Microfinancing is beyond taking loans from MFBs, and this is one area operators are not being straight forward to their customers. We need to preach good savings culture, which is one of the pillars that sustain the sector because it would help build a lasting institution and reduce the frequency at which the institution borrows money too.

The sector’s challenges have to do with the society and when we report cases of default or fraud to the Police, they term it as a civil case and do nothing about it while we lose a lot of money.

We as operators pray that the regulatory bodies would establish a law that makes it a punishable crime for people to borrow money from MFBs without paying.

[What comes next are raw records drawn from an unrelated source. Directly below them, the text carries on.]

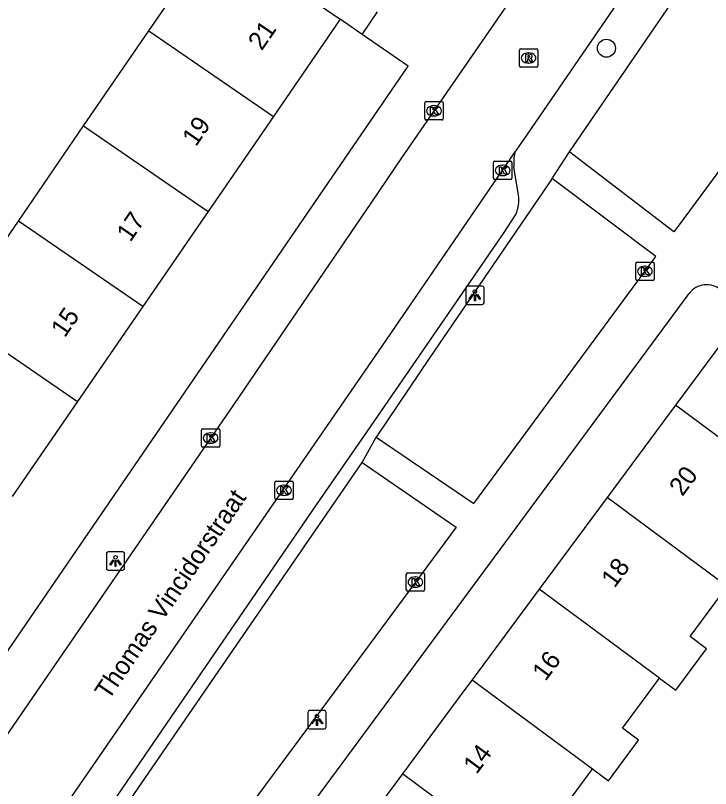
# Model space of a CAD drawing. Extents: x 160026 to 161302, y 384757 to 385701.
# Drawn here: x 160254.19 to 160292, y 385244.75 to 385286.8 of the extents above; entities that cross this region are included whole.
import ezdxf

# ---------------------------------------------------------------- set-up
doc = ezdxf.new("R2010")
doc.units = 0
for name, color, linetype in [('IMGEO_Boom', 7, 'Continuous'), ('IMGEO_Kolk', 7, 'Continuous'), ('IMGEO_Lichtpunt', 7, 'Continuous'), ('IMGEO_Openbare_ruimte_label', 7, 'Continuous'), ('IMGEO_Pand', 7, 'Continuous'), ('IMGEO_Pand_nummerreeks', 7, 'Continuous'), ('IMGEO_Rijbaan_lokaal_open', 7, 'Continuous'), ('IMGEO_Rioolput', 7, 'Continuous'), ('IMGEO_Voetpad_open', 7, 'Continuous')]:
    doc.layers.add(name, color=color, linetype=linetype)

msp = doc.modelspace()

# ---------------------------------------------------------------- linework, layer by layer
at = {"layer": 'IMGEO_Boom'}
msp.add_circle((160286.332, 385285.016), 0.489, dxfattribs=at)
at = {"layer": 'IMGEO_Kolk'}
for p, q in [((160276.452, 385281.185), (160276.452, 385282.037)), ((160276.527, 385282.111), (160277.379, 385282.111)), ((160276.94, 385281.891), (160276.965, 385281.891)), ((160277.453, 385282.037), (160277.453, 385281.185)), ((160277.379, 385281.111), (160276.527, 385281.111)), ((160276.963, 385281.331), (160276.938, 385281.331)), ((160280.265, 385278.87), (160281.117, 385278.87)), ((160280.19, 385277.944), (160280.19, 385278.796)), ((160280.678, 385278.65), (160280.703, 385278.65)), ((160281.191, 385278.796), (160281.191, 385277.944)), ((160280.701, 385278.09), (160280.676, 385278.09)), ((160281.117, 385277.87), (160280.265, 385277.87)), ((160288.003, 385273.382), (160288.855, 385273.382)), ((160287.928, 385272.456), (160287.928, 385273.308)), ((160288.416, 385273.162), (160288.441, 385273.162)), ((160288.929, 385273.308), (160288.929, 385272.456)), ((160288.439, 385272.602), (160288.414, 385272.602)), ((160288.855, 385272.382), (160288.003, 385272.382)), ((160264.301, 385263.386), (160264.301, 385264.238)), ((160264.376, 385264.312), (160265.228, 385264.312)), ((160265.302, 385264.238), (160265.302, 385263.386)), ((160264.789, 385264.092), (160264.814, 385264.092)), ((160265.228, 385263.312), (160264.376, 385263.312)), ((160264.812, 385263.532), (160264.787, 385263.532)), ((160268.293, 385260.546), (160268.293, 385261.398)), ((160268.368, 385261.472), (160269.22, 385261.472)), ((160268.781, 385261.252), (160268.806, 385261.252)), ((160269.294, 385261.398), (160269.294, 385260.546)), ((160269.22, 385260.472), (160268.368, 385260.472)), ((160268.804, 385260.692), (160268.779, 385260.692)), ((160275.445, 385255.554), (160275.445, 385256.406)), ((160275.52, 385256.48), (160276.372, 385256.48)), ((160275.933, 385256.26), (160275.958, 385256.26)), ((160276.446, 385256.406), (160276.446, 385255.554)), ((160275.956, 385255.7), (160275.931, 385255.7)), ((160276.372, 385255.48), (160275.52, 385255.48))]:
    msp.add_line(p, q, dxfattribs=at)
for points in [[(160276.452, 385281.185), (160276.452, 385282.037)], [(160276.527, 385282.111), (160277.379, 385282.111)], [(160276.773, 385281.811), (160276.896, 385281.811), (160276.896, 385281.66), (160277.026, 385281.811), (160277.19, 385281.811), (160277.044, 385281.66), (160277.197, 385281.411), (160277.045, 385281.411), (160276.96, 385281.575), (160276.896, 385281.508), (160276.896, 385281.411), (160276.773, 385281.411), (160276.773, 385281.811)], [(160277.453, 385282.037), (160277.453, 385281.185)], [(160277.379, 385281.111), (160276.527, 385281.111)], [(160280.265, 385278.87), (160281.117, 385278.87)], [(160280.19, 385277.944), (160280.19, 385278.796)], [(160280.511, 385278.57), (160280.634, 385278.57), (160280.634, 385278.419), (160280.764, 385278.57), (160280.928, 385278.57), (160280.782, 385278.419), (160280.935, 385278.17), (160280.783, 385278.17), (160280.698, 385278.334), (160280.634, 385278.267), (160280.634, 385278.17), (160280.511, 385278.17), (160280.511, 385278.57)], [(160281.191, 385278.796), (160281.191, 385277.944)], [(160281.117, 385277.87), (160280.265, 385277.87)], [(160288.003, 385273.382), (160288.855, 385273.382)], [(160287.928, 385272.456), (160287.928, 385273.308)], [(160288.249, 385273.082), (160288.372, 385273.082), (160288.372, 385272.931), (160288.502, 385273.082), (160288.666, 385273.082), (160288.52, 385272.931), (160288.673, 385272.682), (160288.521, 385272.682), (160288.436, 385272.846), (160288.372, 385272.779), (160288.372, 385272.682), (160288.249, 385272.682), (160288.249, 385273.082)], [(160288.929, 385273.308), (160288.929, 385272.456)], [(160288.855, 385272.382), (160288.003, 385272.382)], [(160264.301, 385263.386), (160264.301, 385264.238)], [(160264.376, 385264.312), (160265.228, 385264.312)], [(160265.302, 385264.238), (160265.302, 385263.386)], [(160264.622, 385264.012), (160264.745, 385264.012), (160264.745, 385263.861), (160264.875, 385264.012), (160265.039, 385264.012), (160264.893, 385263.861), (160265.046, 385263.612), (160264.894, 385263.612), (160264.809, 385263.776), (160264.745, 385263.709), (160264.745, 385263.612), (160264.622, 385263.612), (160264.622, 385264.012)], [(160265.228, 385263.312), (160264.376, 385263.312)], [(160268.293, 385260.546), (160268.293, 385261.398)], [(160268.368, 385261.472), (160269.22, 385261.472)], [(160268.614, 385261.172), (160268.737, 385261.172), (160268.737, 385261.021), (160268.867, 385261.172), (160269.031, 385261.172), (160268.885, 385261.021), (160269.038, 385260.772), (160268.886, 385260.772), (160268.801, 385260.936), (160268.737, 385260.869), (160268.737, 385260.772), (160268.614, 385260.772), (160268.614, 385261.172)], [(160269.294, 385261.398), (160269.294, 385260.546)], [(160269.22, 385260.472), (160268.368, 385260.472)], [(160275.445, 385255.554), (160275.445, 385256.406)], [(160275.52, 385256.48), (160276.372, 385256.48)], [(160275.766, 385256.18), (160275.889, 385256.18), (160275.889, 385256.029), (160276.019, 385256.18), (160276.183, 385256.18), (160276.037, 385256.029), (160276.19, 385255.78), (160276.038, 385255.78), (160275.953, 385255.944), (160275.889, 385255.877), (160275.889, 385255.78), (160275.766, 385255.78), (160275.766, 385256.18)], [(160276.446, 385256.406), (160276.446, 385255.554)], [(160276.372, 385255.48), (160275.52, 385255.48)]]:
    msp.add_lwpolyline(points, dxfattribs=at)
for centre, start, end in [((160276.529, 385282.035), 91.552, 178.448), ((160276.529, 385282.035), 91.552, 178.448), ((160277.377, 385282.035), 1.552, 88.448), ((160277.377, 385282.035), 1.552, 88.448), ((160276.529, 385281.187), 181.552, 268.448), ((160276.529, 385281.187), 181.552, 268.448), ((160277.377, 385281.187), 271.552, 358.448), ((160277.377, 385281.187), 271.552, 358.448), ((160280.267, 385278.794), 91.552, 178.448), ((160280.267, 385278.794), 91.552, 178.448), ((160281.115, 385278.794), 1.552, 88.448), ((160281.115, 385278.794), 1.552, 88.448), ((160280.267, 385277.946), 181.552, 268.448), ((160280.267, 385277.946), 181.552, 268.448), ((160281.115, 385277.946), 271.552, 358.448), ((160281.115, 385277.946), 271.552, 358.448), ((160288.005, 385273.306), 91.552, 178.448), ((160288.005, 385273.306), 91.552, 178.448), ((160288.853, 385273.306), 1.552, 88.448), ((160288.853, 385273.306), 1.552, 88.448), ((160288.005, 385272.458), 181.552, 268.448), ((160288.005, 385272.458), 181.552, 268.448), ((160288.853, 385272.458), 271.552, 358.448), ((160288.853, 385272.458), 271.552, 358.448), ((160264.378, 385264.236), 91.552, 178.448), ((160264.378, 385264.236), 91.552, 178.448), ((160265.226, 385264.236), 1.552, 88.448), ((160265.226, 385264.236), 1.552, 88.448), ((160264.378, 385263.388), 181.552, 268.448), ((160264.378, 385263.388), 181.552, 268.448), ((160265.226, 385263.388), 271.552, 358.448), ((160265.226, 385263.388), 271.552, 358.448), ((160268.37, 385261.396), 91.552, 178.448), ((160268.37, 385261.396), 91.552, 178.448), ((160269.218, 385261.396), 1.552, 88.448), ((160269.218, 385261.396), 1.552, 88.448), ((160268.37, 385260.548), 181.552, 268.448), ((160268.37, 385260.548), 181.552, 268.448), ((160269.218, 385260.548), 271.552, 358.448), ((160269.218, 385260.548), 271.552, 358.448), ((160275.522, 385256.404), 91.552, 178.448), ((160275.522, 385256.404), 91.552, 178.448), ((160276.37, 385256.404), 1.552, 88.448), ((160276.37, 385256.404), 1.552, 88.448), ((160275.522, 385255.556), 181.552, 268.448), ((160275.522, 385255.556), 181.552, 268.448), ((160276.37, 385255.556), 271.552, 358.448), ((160276.37, 385255.556), 271.552, 358.448)]:
    msp.add_arc(centre, 0.0765, start, end, dxfattribs=at)
for centre, major_axis, ratio, start_param, end_param in [((160276.939, 385281.611), (-0.387, 0.002), 0.722429, 4.712389, 7.853982), ((160276.964, 385281.611), (-0.39, 0.002), 0.717154, 1.570796, 4.712389), ((160280.677, 385278.37), (-0.387, 0.002), 0.722429, 4.712389, 7.853982), ((160280.702, 385278.37), (-0.39, 0.002), 0.717154, 1.570796, 4.712389), ((160288.415, 385272.882), (-0.387, 0.002), 0.722429, 4.712389, 7.853982), ((160288.44, 385272.882), (-0.39, 0.002), 0.717154, 1.570796, 4.712389), ((160264.788, 385263.812), (-0.387, 0.002), 0.722429, 4.712389, 7.853982), ((160264.813, 385263.812), (-0.39, 0.002), 0.717154, 1.570796, 4.712389), ((160268.78, 385260.972), (-0.387, 0.002), 0.722429, 4.712389, 7.853982), ((160268.805, 385260.972), (-0.39, 0.002), 0.717154, 1.570796, 4.712389), ((160275.932, 385255.98), (-0.387, 0.002), 0.722429, 4.712389, 7.853982), ((160275.957, 385255.98), (-0.39, 0.002), 0.717154, 1.570796, 4.712389)]:
    msp.add_ellipse(centre, major_axis=major_axis, ratio=ratio, start_param=start_param, end_param=end_param, dxfattribs=at)
at = {"layer": 'IMGEO_Lichtpunt'}
for p, q in [((160278.681, 385271.983), (160278.681, 385271.176)), ((160278.681, 385271.983), (160278.681, 385271.176)), ((160279.583, 385272.078), (160278.775, 385272.078)), ((160279.583, 385272.078), (160278.775, 385272.078)), ((160279.677, 385271.176), (160279.677, 385271.983)), ((160279.677, 385271.176), (160279.677, 385271.983)), ((160278.775, 385271.082), (160279.583, 385271.082)), ((160278.775, 385271.082), (160279.583, 385271.082)), ((160259.131, 385257.532), (160259.131, 385256.725)), ((160259.131, 385257.532), (160259.131, 385256.725)), ((160260.033, 385257.627), (160259.225, 385257.627)), ((160260.033, 385257.627), (160259.225, 385257.627)), ((160260.127, 385256.725), (160260.127, 385257.532)), ((160260.127, 385256.725), (160260.127, 385257.532)), ((160259.225, 385256.631), (160260.033, 385256.631)), ((160259.225, 385256.631), (160260.033, 385256.631)), ((160270.994, 385248.99), (160270.186, 385248.99)), ((160270.994, 385248.99), (160270.186, 385248.99)), ((160270.092, 385248.895), (160270.092, 385248.088)), ((160270.092, 385248.895), (160270.092, 385248.088)), ((160271.088, 385248.088), (160271.088, 385248.895)), ((160271.088, 385248.088), (160271.088, 385248.895)), ((160270.186, 385247.994), (160270.994, 385247.994)), ((160270.186, 385247.994), (160270.994, 385247.994))]:
    msp.add_line(p, q, dxfattribs=at)
for points in [[(160279.055, 385271.647), (160279.094, 385271.619), (160278.906, 385271.357), (160278.868, 385271.384), (160279.055, 385271.647)], [(160279.157, 385271.599), (160279.204, 385271.599), (160279.204, 385271.277), (160279.157, 385271.277), (160279.157, 385271.599)], [(160279.267, 385271.619), (160279.305, 385271.646), (160279.492, 385271.384), (160279.453, 385271.356), (160279.267, 385271.619)], [(160259.505, 385257.196), (160259.544, 385257.168), (160259.356, 385256.906), (160259.318, 385256.933), (160259.505, 385257.196)], [(160259.607, 385257.148), (160259.654, 385257.148), (160259.654, 385256.826), (160259.607, 385256.826), (160259.607, 385257.148)], [(160259.717, 385257.168), (160259.755, 385257.195), (160259.942, 385256.933), (160259.903, 385256.905), (160259.717, 385257.168)], [(160270.466, 385248.559), (160270.505, 385248.531), (160270.317, 385248.269), (160270.279, 385248.296), (160270.466, 385248.559)], [(160270.678, 385248.531), (160270.716, 385248.558), (160270.903, 385248.296), (160270.864, 385248.268), (160270.678, 385248.531)], [(160270.568, 385248.511), (160270.615, 385248.511), (160270.615, 385248.189), (160270.568, 385248.189), (160270.568, 385248.511)]]:
    msp.add_lwpolyline(points, dxfattribs=at)
for centre in [(160279.18, 385271.781), (160259.63, 385257.33), (160270.591, 385248.693)]:
    msp.add_circle(centre, 0.0994, dxfattribs=at)
for centre, start, end in [((160278.775, 385271.983), 90, 180), ((160278.775, 385271.983), 90, 180), ((160279.583, 385271.983), 0, 90), ((160279.583, 385271.983), 0, 90), ((160278.775, 385271.176), 180, 270), ((160278.775, 385271.176), 180, 270), ((160279.583, 385271.176), 270, 0), ((160279.583, 385271.176), 270, 360), ((160259.225, 385257.532), 90, 180), ((160259.225, 385257.532), 90, 180), ((160260.033, 385257.532), 0, 90), ((160260.033, 385257.532), 0, 90), ((160259.225, 385256.725), 180, 270), ((160259.225, 385256.725), 180, 270), ((160260.033, 385256.725), 270, 0), ((160260.033, 385256.725), 270, 360), ((160270.186, 385248.895), 90, 180), ((160270.186, 385248.895), 90, 180), ((160270.994, 385248.895), 0, 90), ((160270.994, 385248.895), 0, 90), ((160270.186, 385248.088), 180, 270), ((160270.186, 385248.088), 180, 270), ((160270.994, 385248.088), 270, 0), ((160270.994, 385248.088), 270, 360)]:
    msp.add_arc(centre, 0.0946, start, end, dxfattribs=at)
at = {"layer": 'IMGEO_Pand'}
for points in [[(160261.446, 385285.955), (160265.081, 385291.248)], [(160265.081, 385291.248), (160267.731, 385289.429), (160271.852, 385286.599)], [(160271.852, 385286.599), (160268.217, 385281.306)], [(160257.896, 385280.785), (160261.446, 385285.955)], [(160261.446, 385285.955), (160268.217, 385281.306)], [(160268.217, 385281.306), (160264.667, 385276.136)], [(160254.346, 385275.616), (160257.896, 385280.785)], [(160257.896, 385280.785), (160264.667, 385276.136)], [(160264.667, 385276.136), (160261.117, 385270.967)], [(160250.797, 385270.447), (160254.346, 385275.616)], [(160261.117, 385270.967), (160254.346, 385275.616)], [(160261.117, 385270.967), (160257.567, 385265.798)], [(160250.797, 385270.447), (160257.567, 385265.798)], [(160296.627, 385260.769), (160297.544, 385260.171), (160299.202, 385262.41), (160298.304, 385263.074), (160300.462, 385265.987), (160297.967, 385267.836), (160293.949, 385270.812), (160290.095, 385265.609)], [(160257.567, 385265.798), (160254.017, 385260.628)], [(160290.095, 385265.609), (160286.371, 385260.582)], [(160296.627, 385260.769), (160290.095, 385265.609)], [(160286.371, 385260.582), (160282.679, 385255.599)], [(160292.901, 385255.743), (160286.371, 385260.582)], [(160289.223, 385250.75), (160290.102, 385250.099), (160291.778, 385252.36), (160290.885, 385253.022), (160292.901, 385255.743)], [(160282.679, 385255.599), (160279.03, 385250.674)], [(160289.223, 385250.75), (160282.679, 385255.599)], [(160279.03, 385250.674), (160278.531, 385250), (160275.233, 385245.549)], [(160279.03, 385250.674), (160279.94, 385250), (160285.582, 385245.821)], [(160285.582, 385245.821), (160286.453, 385245.175), (160288.086, 385247.38), (160287.208, 385248.03), (160288.667, 385250), (160289.223, 385250.75)], [(160281.774, 385240.7), (160282.601, 385240.087), (160284.246, 385242.308), (160283.428, 385242.914), (160285.548, 385245.775), (160285.582, 385245.821)], [(160275.233, 385245.549), (160271.488, 385240.493)], [(160281.774, 385240.7), (160275.233, 385245.549)]]:
    msp.add_lwpolyline(points, dxfattribs=at)
at = {"layer": 'IMGEO_Rijbaan_lokaal_open'}
for points in [[(160289.671, 385300.047), (160275.192, 385279.056), (160273.555, 385276.635), (160266.052, 385265.629), (160255.317, 385250), (160244.457, 385234.203)], [(160281.354, 385279.339), (160281.858, 385280.074), (160293.52, 385297.079)], [(160237.121, 385215.152), (160274.133, 385268.809), (160281.342, 385279.321), (160281.354, 385279.339)]]:
    msp.add_lwpolyline(points, dxfattribs=at)
at = {"layer": 'IMGEO_Rioolput'}
for p, q in [((160281.597, 385284.058), (160281.597, 385284.91)), ((160281.672, 385284.984), (160282.524, 385284.984)), ((160282.085, 385284.764), (160282.11, 385284.764)), ((160282.598, 385284.91), (160282.598, 385284.058)), ((160282.524, 385283.984), (160281.672, 385283.984)), ((160282.108, 385284.204), (160282.083, 385284.204))]:
    msp.add_line(p, q, dxfattribs=at)
for points in [[(160281.597, 385284.058), (160281.597, 385284.91)], [(160281.672, 385284.984), (160282.524, 385284.984)], [(160282.598, 385284.91), (160282.598, 385284.058)], [(160282.186, 385284.682), (160281.934, 385284.684), (160281.934, 385284.284)], [(160281.934, 385284.284), (160282.058, 385284.284), (160282.058, 385284.446), (160282.069, 385284.446)], [(160282.112, 385284.603), (160282.058, 385284.603), (160282.058, 385284.522)], [(160282.058, 385284.522), (160282.11, 385284.522)], [(160282.116, 385284.417), (160282.187, 385284.284), (160282.327, 385284.284), (160282.262, 385284.41)], [(160282.524, 385283.984), (160281.672, 385283.984)]]:
    msp.add_lwpolyline(points, dxfattribs=at)
for centre, radius, start, end in [((160281.674, 385284.908), 0.0765, 91.552, 178.448), ((160281.674, 385284.908), 0.0765, 91.552, 178.448), ((160282.522, 385284.908), 0.0765, 1.552, 88.448), ((160282.522, 385284.908), 0.0765, 1.552, 88.448), ((160282.068, 385284.393), 0.0533, 26.0293, 88.6989), ((160282.094, 385284.711), 0.19, 274.7715, 282.9687), ((160282.118, 385284.507), 0.0964, 77.0061, 93.1865), ((160282.132, 385284.564), 0.0378, 276.6634, 79.6772), ((160282.185, 385284.572), 0.109, 350.3612, 89.416), ((160282.183, 385284.572), 0.112, 277.5842, 350.9817), ((160282.167, 385284.357), 0.108, 29.5134, 73.7905), ((160281.674, 385284.06), 0.0765, 181.552, 268.448), ((160281.674, 385284.06), 0.0765, 181.552, 268.448), ((160282.522, 385284.06), 0.0765, 271.552, 358.448), ((160282.522, 385284.06), 0.0765, 271.552, 358.448)]:
    msp.add_arc(centre, radius, start, end, dxfattribs=at)
for centre, major_axis, ratio, start_param, end_param in [((160282.084, 385284.484), (-0.387, 0.002), 0.722429, 4.712389, 7.853982), ((160282.109, 385284.484), (-0.39, 0.002), 0.717154, 1.570796, 4.712389)]:
    msp.add_ellipse(centre, major_axis=major_axis, ratio=ratio, start_param=start_param, end_param=end_param, dxfattribs=at)
at = {"layer": 'IMGEO_Voetpad_open'}
for points in [[(160284.321, 385279.384), (160291.84, 385290.346), (160294.775, 385294.396)], [(160302.57, 385291.996), (160297.28, 385284.848), (160290.235, 385275.329), (160290.01, 385275.026), (160284.505, 385279.243), (160284.321, 385279.384)], [(160273.047, 385285.762), (160273.889, 385286.993)], [(160273.047, 385285.762), (160271.852, 385286.599)], [(160227.053, 385213.278), (160252.215, 385250), (160275.542, 385284.043), (160273.047, 385285.762)], [(160283.378, 385277.932), (160284.321, 385279.384)], [(160281.56, 385277.031), (160281.303, 385278.571)], [(160283.378, 385277.932), (160276.737, 385268.187), (160273.814, 385263.87)], [(160273.814, 385263.87), (160279.114, 385260.255), (160289.023, 385273.689), (160283.54, 385277.81), (160283.378, 385277.932)], [(160240.882, 385216.735), (160251.376, 385232.207), (160258.548, 385242.626), (160261.715, 385247.262), (160270.57, 385260.175), (160273.341, 385264.193), (160277.715, 385270.535), (160280.777, 385274.991), (160281.411, 385275.98)], [(160238.783, 385201.222), (160274.818, 385250), (160290.83, 385271.674)], [(160273.04, 385262.479), (160273.814, 385263.87)], [(160260.026, 385243.56), (160264.456, 385250), (160273.04, 385262.479)], [(160273.04, 385262.479), (160278.16, 385258.972), (160271.515, 385250), (160264.465, 385240.48), (160260.026, 385243.56)]]:
    msp.add_lwpolyline(points, dxfattribs=at)
for centre, radius, start, end in [((160283.381, 385278.819), 2.093, 165.6047, 186.7968), ((160279.275, 385276.819), 2.295, 338.5577, 5.3042), ((160291.78, 385270.964), 1.187, 48.4094, 143.2206)]:
    msp.add_arc(centre, radius, start, end, dxfattribs=at)

# ---------------------------------------------------------------- texts
at = {"layer": 'IMGEO_Openbare_ruimte_label'}
msp.add_text('Thomas Vincidorstraat', height=1, rotation=55.754, dxfattribs=at).set_placement((160259.256, 385249.52))
at = {"layer": 'IMGEO_Pand_nummerreeks'}
for s, rotation, p in [('21', 55.5223, (160267.586, 385284.839)), ('19', 55.5223, (160264.005, 385279.624)), ('17', 55.5223, (160260.437, 385274.428)), ('15', 55.5223, (160256.868, 385269.231)), ('20', 53.4686, (160290.469, 385260.604)), ('18', 53.4686, (160286.773, 385255.615)), ('16', 53.4684, (160283.021, 385250.551)), ('14', 53.4684, (160279.271, 385245.488))]:
    msp.add_text(s, height=1, rotation=rotation, dxfattribs=at).set_placement(p)

doc.saveas('drawing.dxf')

Though it is almost impossible to divorce default from the microfinance sector, but SEAP has built its structure from the grassroots and members are in charge by mobilising and urging others to pay up. Even when we give individual loans, they still have to go through the groups.

Apart from that, it would be for our mutual benefit for microfinance operators to come together as a body to share ideas and experiences so that we can learn from those that are doing it right and prospering.

We also need to adopt a technology that would curb serial borrowing, which is becoming rampant in the sector as most banks have lost a lot of funds as a result of that.

How does SEAP source for fund, which is a major challenge for MFBs?

Our major source of fund is savings mobilisation but this has affected our ability to reach out to more people as there is a limit to what such fund can do. So we are sourcing for investors and we are talking with Alitheia Capital, Oiko Credit, Ecrofin, and some banks.

But I’m optimistic that the banks would come in once they know that we are regulated, have a strong membership base and is one of the best MFIs in Nigeria.

Presently, we are in partnership with Grameem Foundation, Growing Businesses Foundation, MTN Foundation on rural telephony, the International Finance Corporation (IFC), MTN and Etranzact on mobile savings programme, which is in its pilot phase in Ilorin, Ondo and Oyo states.